Abstract:
Under certain conditions a video disc player can be responsive to externally applied interference signals to provide a defect in the display of the information recovered from the disc. Apparatus is provided to reduce the influence of the extraneous signal to the playback display. The apparatus includes an automatic gain controlled amplifier and a level detector which provides two output signals. One of the output signals is used to control the amplifier gain. When the other output signal reaches a certain level it is used to develop a signal which initiates corrective action in the player.

Description:
BACKGROUND OF THE INVENTION 
     The present invention relates generally to video disc players and more particularly to video disc players having radio frequency interference reduction apparatus. 

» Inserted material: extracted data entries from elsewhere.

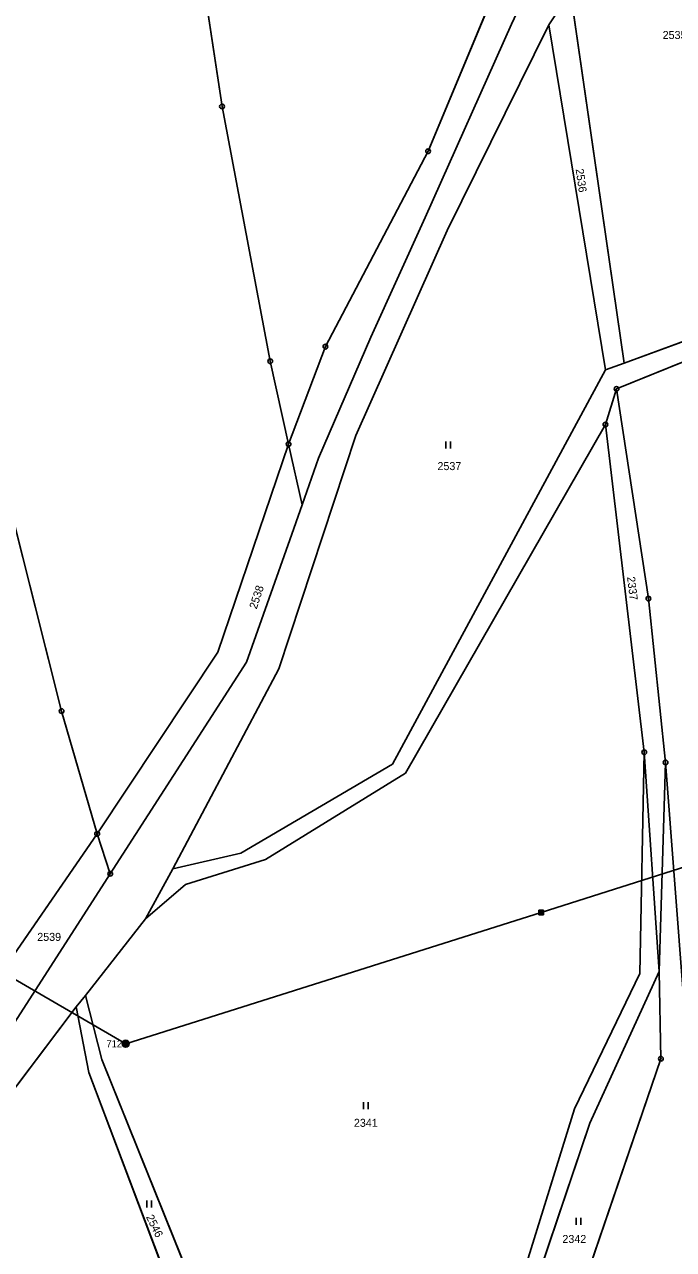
# Model space of a CAD drawing. Extents: x -689422 to -685210, y -987725 to -982160.
# Drawn here: x -688252.7 to -688114.9, y -985398.5 to -985138.3 of the extents above; entities that cross this region are included whole.
import ezdxf

# ---------------------------------------------------------------- set-up
doc = ezdxf.new("R2010")
doc.units = 0
for name, color, linetype in [('KN_Hranice_parcel', 7, 'Continuous'), ('KN_Parcelni cisla', 7, 'Continuous'), ('KN_Polygon parcely', 7, 'Continuous'), ('KN_Pozemkove predmety', 7, 'Continuous'), ('KN_POZEMKY_ORNA PUDA', 7, 'Continuous'), ('KN_POZEMKY_OSTATNI PLOCHA', 7, 'Continuous'), ('KN_POZEMKY_TTP', 7, 'Continuous'), ('KN_VYUZITI_17_ostatni plocha_ostatni komunikace', 7, 'Continuous'), ('KN_VYUZITI_26_ostatni plocha_jina plocha', 7, 'Continuous'), ('KN_Značky bodu BP', 7, 'Continuous'), ('KN_Značky kultur', 7, 'Continuous')]:
    doc.layers.add(name, color=color, linetype=linetype)

msp = doc.modelspace()

# ---------------------------------------------------------------- linework, layer by layer
at = {"layer": 'KN_Hranice_parcel'}
for p, q in [((-688136.81, -985131.46), (-688141.37, -985138.38)), ((-688136.81, -985131.46), (-688125.4, -985210.22)), ((-688141.37, -985138.38), (-688129.33, -985211.65)), ((-688127.01, -985215.71), (-688106.9, -985207.58)), ((-688125.4, -985210.22), (-688129.33, -985211.65)), ((-688129.38, -985223.29), (-688127.01, -985215.71)), ((-688121.12, -985292.9), (-688129.38, -985223.29)), ((-688196.65, -985227.45), (-688193.79, -985240.35)), ((-688117.94, -985339.46), (-688121.12, -985292.9)), ((-688116.59, -985295.07), (-688117.94, -985339.46)), ((-688237.3, -985310.26), (-688259.58, -985342.52)), ((-688237.3, -985310.26), (-688234.51, -985318.71)), ((-688221.21, -985317.65), (-688227.07, -985328.27)), ((-688234.51, -985318.71), (-688256.05, -985352.23)), ((-688227.07, -985328.27), (-688239.75, -985344.56)), ((-688239.75, -985344.56), (-688241.73, -985346.97)), ((-688241.73, -985346.97), (-688280.91, -985398.81))]:
    msp.add_line(p, q, dxfattribs=at)
for points in [[(-688224.38, -984926.86), (-688221.04, -985020.73), (-688224.93, -985025.03), (-688222.87, -985075.69), (-688210.79, -985155.72), (-688200.56, -985209.85), (-688196.65, -985227.45)], [(-688087.14, -984926.53), (-688092.68, -984944.78), (-688114.98, -985000.16), (-688130.72, -985043.38), (-688140.79, -985093.67), (-688146.2, -985115.12), (-688167.04, -985165.22), (-688188.83, -985206.74), (-688196.65, -985227.45)], [(-688289.65, -984933.1), (-688285.47, -985000), (-688275.35, -985141.38), (-688261.8, -985217.11), (-688244.85, -985284.17), (-688237.3, -985310.26)], [(-688123.23, -985035.71), (-688127.97, -985053.84), (-688131.38, -985079.86), (-688132.27, -985098.88), (-688141.81, -985122.23), (-688149.29, -985138.23), (-688167.67, -985179.32), (-688179.19, -985204.7), (-688190.33, -985230.42), (-688193.79, -985240.35)], [(-688141.37, -985138.38), (-688162.96, -985182.09), (-688182.36, -985225.63), (-688198.7, -985275.17), (-688221.21, -985317.65)], [(-688090.83, -985199.79), (-688107.16, -985203.53), (-688125.4, -985210.22)], [(-688129.33, -985211.65), (-688174.57, -985295.43), (-688206.76, -985314.33), (-688221.21, -985317.65)], [(-688127.01, -985215.71), (-688120.25, -985260.26), (-688116.59, -985295.07)], [(-688227.07, -985328.27), (-688218.55, -985320.97), (-688201.52, -985315.68), (-688171.85, -985297.34), (-688129.38, -985223.29)], [(-688196.65, -985227.45), (-688211.7, -985271.62), (-688237.3, -985310.26)], [(-688193.79, -985240.35), (-688196.38, -985247.8), (-688205.62, -985273.78), (-688234.51, -985318.71)], [(-688174.12, -985512.57), (-688159.03, -985454.2), (-688154.29, -985441.47), (-688151.8, -985419.75), (-688135.96, -985368.63), (-688122.04, -985339.91), (-688121.12, -985292.9)], [(-688116.59, -985295.07), (-688112.74, -985345.88), (-688097.3, -985350.44)], [(-688172.09, -985517.46), (-688117.58, -985358), (-688117.94, -985339.46)], [(-688117.94, -985339.46), (-688132.7, -985371.7), (-688148.45, -985418.45), (-688148.83, -985437.59), (-688172.09, -985517.46)], [(-688239.75, -985344.56), (-688236.33, -985358.17), (-688174.12, -985512.57)], [(-688241.73, -985346.97), (-688239.1, -985360.93), (-688201.59, -985459.96)]]:
    msp.add_lwpolyline(points, dxfattribs=at)
at = {"layer": 'KN_Polygon parcely'}
for points in [[(-688087.14, -984926.53), (-688111.99, -984919.35), (-688135.11, -984918.37), (-688224.38, -984926.86), (-688221.04, -985020.73), (-688224.93, -985025.03), (-688222.87, -985075.69), (-688210.79, -985155.72), (-688200.56, -985209.85), (-688196.65, -985227.45), (-688188.83, -985206.74), (-688167.04, -985165.22), (-688146.2, -985115.12), (-688140.79, -985093.67), (-688130.72, -985043.38), (-688114.98, -985000.16), (-688092.68, -984944.78)], [(-688261.8, -985217.11), (-688244.85, -985284.17), (-688237.3, -985310.26), (-688211.7, -985271.62), (-688196.65, -985227.45), (-688200.56, -985209.85), (-688210.79, -985155.72), (-688222.87, -985075.69), (-688224.93, -985025.03), (-688221.04, -985020.73), (-688224.38, -984926.86), (-688289.65, -984933.1), (-688285.47, -985000), (-688275.35, -985141.38)], [(-688305.6, -985192.78), (-688296.5, -985240.18), (-688288, -985264.9), (-688275.45, -985300), (-688259.58, -985342.52), (-688237.3, -985310.26), (-688244.85, -985284.17), (-688261.8, -985217.11), (-688275.35, -985141.38), (-688285.47, -985000), (-688289.65, -984933.1), (-688328.94, -984937.15), (-688324.91, -985000), (-688317.4, -985083.17), (-688308.47, -985166.13)], [(-688119.03, -985049.97), (-688129.53, -985107.03), (-688135, -985127.68), (-688136.81, -985131.46), (-688125.4, -985210.22), (-688107.16, -985203.53), (-688090.83, -985199.79), (-688096.64, -985133.05), (-688101.54, -985049.6)], [(-688141.37, -985138.38), (-688129.33, -985211.65), (-688125.4, -985210.22), (-688136.81, -985131.46)], [(-688198.7, -985275.17), (-688221.21, -985317.65), (-688206.76, -985314.33), (-688174.57, -985295.43), (-688129.33, -985211.65), (-688141.37, -985138.38), (-688162.96, -985182.09), (-688182.36, -985225.63)], [(-688120.25, -985260.26), (-688116.59, -985295.07), (-688112.74, -985345.88), (-688097.3, -985350.44), (-688106.9, -985207.58), (-688127.01, -985215.71)], [(-688127.01, -985215.71), (-688129.38, -985223.29), (-688121.12, -985292.9), (-688117.94, -985339.46), (-688116.59, -985295.07), (-688120.25, -985260.26)], [(-688151.8, -985419.75), (-688135.96, -985368.63), (-688122.04, -985339.91), (-688121.12, -985292.9), (-688129.38, -985223.29), (-688171.85, -985297.34), (-688201.52, -985315.68), (-688218.55, -985320.97), (-688227.07, -985328.27), (-688239.75, -985344.56), (-688236.33, -985358.17), (-688174.12, -985512.57), (-688159.03, -985454.2), (-688154.29, -985441.47)], [(-688234.51, -985318.71), (-688205.62, -985273.78), (-688196.38, -985247.8), (-688193.79, -985240.35), (-688196.65, -985227.45), (-688211.7, -985271.62), (-688237.3, -985310.26)], [(-688121.12, -985292.9), (-688122.04, -985339.91), (-688135.96, -985368.63), (-688151.8, -985419.75), (-688154.29, -985441.47), (-688159.03, -985454.2), (-688174.12, -985512.57), (-688172.09, -985517.46), (-688148.83, -985437.59), (-688148.45, -985418.45), (-688132.7, -985371.7), (-688117.94, -985339.46)], [(-688117.94, -985339.46), (-688117.58, -985358), (-688172.09, -985517.46), (-688164.48, -985537.87), (-688164.68, -985551.96), (-688143.55, -985563.59), (-688107.26, -985579.81), (-688098.45, -985557.71), (-688078.03, -985506.51), (-688053.66, -985437.92), (-688043.57, -985405.26), (-688034.95, -985386.23), (-688023.59, -985374.19), (-688019.27, -985369.61), (-688052.69, -985361.11), (-688076.49, -985356.58), (-688080.38, -985355.43), (-688097.3, -985350.44), (-688112.74, -985345.88), (-688116.59, -985295.07)], [(-688259.58, -985342.52), (-688256.05, -985352.23), (-688234.51, -985318.71), (-688237.3, -985310.26)], [(-688132.7, -985371.7), (-688148.45, -985418.45), (-688148.83, -985437.59), (-688172.09, -985517.46), (-688117.58, -985358), (-688117.94, -985339.46)], [(-688164.68, -985551.96), (-688164.48, -985537.87), (-688172.09, -985517.46), (-688174.12, -985512.57), (-688236.33, -985358.17), (-688239.75, -985344.56), (-688241.73, -985346.97), (-688239.1, -985360.93), (-688201.59, -985459.96), (-688177.68, -985522.98), (-688172.2, -985548.02), (-688168.74, -985549.85)], [(-688280.91, -985398.81), (-688286.21, -985410.27), (-688247.72, -985492.84), (-688232.31, -985520.88), (-688230.1, -985516.5), (-688201.59, -985459.96), (-688239.1, -985360.93), (-688241.73, -985346.97)]]:
    msp.add_lwpolyline(points, close=True, dxfattribs=at)
for points in [[(-688029.34, -984971.05), (-688010.74, -984958.35), (-687992, -984951.88), (-688003.44, -984949.58), (-688006.65, -984951.37), (-688057.41, -984979.74), (-688092.38, -985001.41), (-688112.03, -985015.9), (-688116.44, -985021.01), (-688117.91, -985022.71), (-688123.23, -985035.71), (-688127.97, -985053.84), (-688131.38, -985079.86), (-688132.27, -985098.88), (-688141.81, -985122.23), (-688149.29, -985138.23), (-688167.67, -985179.32), (-688179.19, -985204.7)], [(-688146.2, -985115.12), (-688167.04, -985165.22), (-688188.83, -985206.74), (-688196.65, -985227.45), (-688193.79, -985240.35), (-688190.33, -985230.42), (-688179.19, -985204.7), (-688167.67, -985179.32), (-688149.29, -985138.23)], [(-688386.83, -985617.9), (-688368.15, -985592.34), (-688364.63, -985584.36), (-688355.09, -985562.73), (-688337.65, -985519.73), (-688328.4, -985498.97), (-688316.96, -985473.3), (-688297.75, -985435.26), (-688286.21, -985410.27), (-688280.91, -985398.81), (-688241.73, -985346.97), (-688239.75, -985344.56), (-688227.07, -985328.27), (-688221.21, -985317.65), (-688198.7, -985275.17), (-688182.36, -985225.63), (-688162.96, -985182.09), (-688141.37, -985138.38), (-688136.81, -985131.46)], [(-687954.78, -985204.79), (-687976.96, -985203.07), (-688019.75, -985196.36), (-688054.78, -985192.09), (-688090.83, -985199.79), (-688107.16, -985203.53), (-688125.4, -985210.22), (-688129.33, -985211.65), (-688174.57, -985295.43), (-688206.76, -985314.33), (-688221.21, -985317.65), (-688227.07, -985328.27), (-688218.55, -985320.97), (-688201.52, -985315.68), (-688171.85, -985297.34), (-688129.38, -985223.29), (-688127.01, -985215.71), (-688106.9, -985207.58), (-688090.02, -985203.6), (-688053.94, -985196), (-688020.59, -985199.19), (-687977.1, -985206.05), (-687954.97, -985207.64)], [(-688179.19, -985204.7), (-688190.33, -985230.42), (-688193.79, -985240.35), (-688196.38, -985247.8), (-688205.62, -985273.78), (-688234.51, -985318.71), (-688256.05, -985352.23), (-688257.59, -985354.43), (-688260.02, -985357.88), (-688287.01, -985396.28), (-688287.63, -985397.61), (-688303.9, -985432.39), (-688322.46, -985470.75), (-688333.18, -985494.69), (-688343.32, -985517.35), (-688345.71, -985523.65), (-688359.8, -985560.75), (-688369.82, -985582.29), (-688373.23, -985589.63), (-688388.72, -985611.5), (-688395.08, -985620.47), (-688406.1, -985638.41), (-688418.15, -985657.71)]]:
    msp.add_lwpolyline(points, dxfattribs=at)
at = {"layer": 'KN_Pozemkove predmety'}
for p, q in [((-688143.01, -985326.95), (-688052.79, -985298.24)), ((-688231.24, -985354.82), (-688318.12, -985304.35)), ((-688231.24, -985354.82), (-688143.01, -985326.95)), ((-688143.51, -985326.45), (-688142.51, -985326.45)), ((-688143.51, -985327.45), (-688143.51, -985326.45)), ((-688143.51, -985326.65), (-688142.51, -985326.65)), ((-688143.51, -985326.85), (-688142.51, -985326.85)), ((-688143.51, -985327.05), (-688142.51, -985327.05)), ((-688143.51, -985327.25), (-688142.51, -985327.25)), ((-688143.51, -985327.45), (-688142.51, -985327.45)), ((-688143.31, -985327.45), (-688143.31, -985326.45)), ((-688143.11, -985327.45), (-688143.11, -985326.45)), ((-688142.91, -985327.45), (-688142.91, -985326.45)), ((-688142.71, -985327.45), (-688142.71, -985326.45)), ((-688142.51, -985327.45), (-688142.51, -985326.45)), ((-688231.74, -985354.32), (-688230.74, -985354.32)), ((-688231.74, -985355.32), (-688231.74, -985354.32)), ((-688231.74, -985354.52), (-688230.74, -985354.52)), ((-688231.74, -985354.72), (-688230.74, -985354.72)), ((-688231.74, -985354.92), (-688230.74, -985354.92)), ((-688231.54, -985355.32), (-688231.54, -985354.32)), ((-688231.34, -985355.32), (-688231.34, -985354.32)), ((-688231.14, -985355.32), (-688231.14, -985354.32)), ((-688230.94, -985355.32), (-688230.94, -985354.32)), ((-688230.74, -985355.32), (-688230.74, -985354.32)), ((-688231.74, -985355.12), (-688230.74, -985355.12)), ((-688231.74, -985355.32), (-688230.74, -985355.32))]:
    msp.add_line(p, q, dxfattribs=at)
at = {"layer": 'KN_POZEMKY_ORNA PUDA'}
for p, q in [((-688210.79, -985155.72), (-688222.87, -985075.69)), ((-688222.87, -985075.69), (-688210.79, -985155.72)), ((-688146.2, -985115.12), (-688167.04, -985165.22)), ((-688125.4, -985210.22), (-688136.81, -985131.46)), ((-688200.56, -985209.85), (-688210.79, -985155.72)), ((-688210.79, -985155.72), (-688200.56, -985209.85)), ((-688167.04, -985165.22), (-688188.83, -985206.74)), ((-688107.16, -985203.53), (-688125.4, -985210.22)), ((-688188.83, -985206.74), (-688196.65, -985227.45)), ((-688196.65, -985227.45), (-688200.56, -985209.85)), ((-688200.56, -985209.85), (-688196.65, -985227.45)), ((-688261.8, -985217.11), (-688244.85, -985284.17)), ((-688244.85, -985284.17), (-688261.8, -985217.11)), ((-688196.65, -985227.45), (-688211.7, -985271.62)), ((-688211.7, -985271.62), (-688237.3, -985310.26)), ((-688244.85, -985284.17), (-688237.3, -985310.26)), ((-688237.3, -985310.26), (-688244.85, -985284.17)), ((-688237.3, -985310.26), (-688259.58, -985342.52)), ((-688280.91, -985398.81), (-688241.73, -985346.97)), ((-688241.73, -985346.97), (-688239.1, -985360.93)), ((-688239.1, -985360.93), (-688201.59, -985459.96))]:
    msp.add_line(p, q, dxfattribs=at)
at = {"layer": 'KN_POZEMKY_OSTATNI PLOCHA'}
for p, q in [((-688167.04, -985165.22), (-688146.2, -985115.12)), ((-688141.37, -985138.38), (-688136.81, -985131.46)), ((-688136.81, -985131.46), (-688141.37, -985138.38)), ((-688136.81, -985131.46), (-688125.4, -985210.22)), ((-688149.29, -985138.23), (-688167.67, -985179.32)), ((-688167.67, -985179.32), (-688149.29, -985138.23)), ((-688141.37, -985138.38), (-688162.96, -985182.09)), ((-688129.33, -985211.65), (-688141.37, -985138.38)), ((-688188.83, -985206.74), (-688167.04, -985165.22)), ((-688167.67, -985179.32), (-688179.19, -985204.7)), ((-688179.19, -985204.7), (-688167.67, -985179.32)), ((-688162.96, -985182.09), (-688182.36, -985225.63)), ((-688125.4, -985210.22), (-688107.16, -985203.53)), ((-688179.19, -985204.7), (-688190.33, -985230.42)), ((-688190.33, -985230.42), (-688179.19, -985204.7)), ((-688196.65, -985227.45), (-688188.83, -985206.74)), ((-688106.9, -985207.58), (-688127.01, -985215.71)), ((-688174.57, -985295.43), (-688129.33, -985211.65)), ((-688125.4, -985210.22), (-688129.33, -985211.65)), ((-688129.33, -985211.65), (-688125.4, -985210.22)), ((-688129.38, -985223.29), (-688127.01, -985215.71)), ((-688127.01, -985215.71), (-688129.38, -985223.29)), ((-688127.01, -985215.71), (-688120.25, -985260.26)), ((-688129.38, -985223.29), (-688171.85, -985297.34)), ((-688121.12, -985292.9), (-688129.38, -985223.29)), ((-688211.7, -985271.62), (-688196.65, -985227.45)), ((-688182.36, -985225.63), (-688198.7, -985275.17)), ((-688193.79, -985240.35), (-688196.65, -985227.45)), ((-688196.65, -985227.45), (-688193.79, -985240.35)), ((-688190.33, -985230.42), (-688193.79, -985240.35)), ((-688193.79, -985240.35), (-688190.33, -985230.42)), ((-688193.79, -985240.35), (-688196.38, -985247.8)), ((-688196.38, -985247.8), (-688193.79, -985240.35)), ((-688196.38, -985247.8), (-688205.62, -985273.78)), ((-688205.62, -985273.78), (-688196.38, -985247.8)), ((-688120.25, -985260.26), (-688116.59, -985295.07)), ((-688237.3, -985310.26), (-688211.7, -985271.62)), ((-688205.62, -985273.78), (-688234.51, -985318.71)), ((-688234.51, -985318.71), (-688205.62, -985273.78)), ((-688198.7, -985275.17), (-688221.21, -985317.65)), ((-688122.04, -985339.91), (-688121.12, -985292.9)), ((-688117.94, -985339.46), (-688121.12, -985292.9)), ((-688121.12, -985292.9), (-688117.94, -985339.46)), ((-688116.59, -985295.07), (-688117.94, -985339.46)), ((-688206.76, -985314.33), (-688174.57, -985295.43)), ((-688171.85, -985297.34), (-688201.52, -985315.68)), ((-688259.58, -985342.52), (-688237.3, -985310.26)), ((-688237.3, -985310.26), (-688234.51, -985318.71)), ((-688234.51, -985318.71), (-688237.3, -985310.26)), ((-688221.21, -985317.65), (-688206.76, -985314.33)), ((-688201.52, -985315.68), (-688218.55, -985320.97)), ((-688221.21, -985317.65), (-688227.07, -985328.27)), ((-688227.07, -985328.27), (-688221.21, -985317.65)), ((-688234.51, -985318.71), (-688256.05, -985352.23)), ((-688256.05, -985352.23), (-688234.51, -985318.71)), ((-688218.55, -985320.97), (-688227.07, -985328.27)), ((-688227.07, -985328.27), (-688239.75, -985344.56)), ((-688135.96, -985368.63), (-688122.04, -985339.91)), ((-688117.94, -985339.46), (-688132.7, -985371.7)), ((-688239.75, -985344.56), (-688241.73, -985346.97)), ((-688241.73, -985346.97), (-688280.91, -985398.81)), ((-688151.8, -985419.75), (-688135.96, -985368.63)), ((-688132.7, -985371.7), (-688148.45, -985418.45))]:
    msp.add_line(p, q, dxfattribs=at)
at = {"layer": 'KN_POZEMKY_TTP'}
for p, q in [((-688162.96, -985182.09), (-688141.37, -985138.38)), ((-688141.37, -985138.38), (-688129.33, -985211.65)), ((-688182.36, -985225.63), (-688162.96, -985182.09)), ((-688127.01, -985215.71), (-688106.9, -985207.58)), ((-688129.33, -985211.65), (-688174.57, -985295.43)), ((-688120.25, -985260.26), (-688127.01, -985215.71)), ((-688171.85, -985297.34), (-688129.38, -985223.29)), ((-688129.38, -985223.29), (-688121.12, -985292.9)), ((-688198.7, -985275.17), (-688182.36, -985225.63)), ((-688116.59, -985295.07), (-688120.25, -985260.26)), ((-688221.21, -985317.65), (-688198.7, -985275.17)), ((-688121.12, -985292.9), (-688122.04, -985339.91)), ((-688117.94, -985339.46), (-688116.59, -985295.07)), ((-688112.74, -985345.88), (-688116.59, -985295.07)), ((-688116.59, -985295.07), (-688112.74, -985345.88)), ((-688174.57, -985295.43), (-688206.76, -985314.33)), ((-688201.52, -985315.68), (-688171.85, -985297.34)), ((-688206.76, -985314.33), (-688221.21, -985317.65)), ((-688218.55, -985320.97), (-688201.52, -985315.68)), ((-688227.07, -985328.27), (-688218.55, -985320.97)), ((-688239.75, -985344.56), (-688227.07, -985328.27)), ((-688122.04, -985339.91), (-688135.96, -985368.63)), ((-688132.7, -985371.7), (-688117.94, -985339.46)), ((-688117.94, -985339.46), (-688117.58, -985358)), ((-688117.58, -985358), (-688117.94, -985339.46)), ((-688241.73, -985346.97), (-688239.75, -985344.56)), ((-688236.33, -985358.17), (-688239.75, -985344.56)), ((-688239.75, -985344.56), (-688236.33, -985358.17)), ((-688239.1, -985360.93), (-688241.73, -985346.97)), ((-688174.12, -985512.57), (-688236.33, -985358.17)), ((-688236.33, -985358.17), (-688174.12, -985512.57)), ((-688117.58, -985358), (-688172.09, -985517.46)), ((-688172.09, -985517.46), (-688117.58, -985358)), ((-688201.59, -985459.96), (-688239.1, -985360.93)), ((-688135.96, -985368.63), (-688151.8, -985419.75)), ((-688148.45, -985418.45), (-688132.7, -985371.7))]:
    msp.add_line(p, q, dxfattribs=at)
at = {"layer": 'KN_VYUZITI_17_ostatni plocha_ostatni komunikace'}
for p, q in [((-688167.04, -985165.22), (-688146.2, -985115.12)), ((-688141.37, -985138.38), (-688136.81, -985131.46)), ((-688136.81, -985131.46), (-688141.37, -985138.38)), ((-688136.81, -985131.46), (-688125.4, -985210.22)), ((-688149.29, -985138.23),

     In certain types of video disc players, such as, for example, capacitive pickup video disc players, the signal pickup circuitry includes an oscillator operating in conjunction with a tuned circuit and peak detector. An example of such pickup circuitry may be found in U.S. Pat. No. 4,080,625 issued to H. Kawamoto et al. on Mar. 21, 1978. The oscillator frequency in such systems is generally set at a value falling within the ISM (industrial, scientific, medical) allocation band, for example, 915 MHz. The power output of this oscillator at 915 MHz is usually low and does not generally represent a significant problem in terms of r.f. radiation outward. However, there are certain types of equipment which operate at high power levels in the ISM band, such as radars for example, and, if a number of conditions are met (such as frequency, power level, directivity and location, etc.) these outside sources of radiation can have an adverse effect on the playback operation of the video disc system. 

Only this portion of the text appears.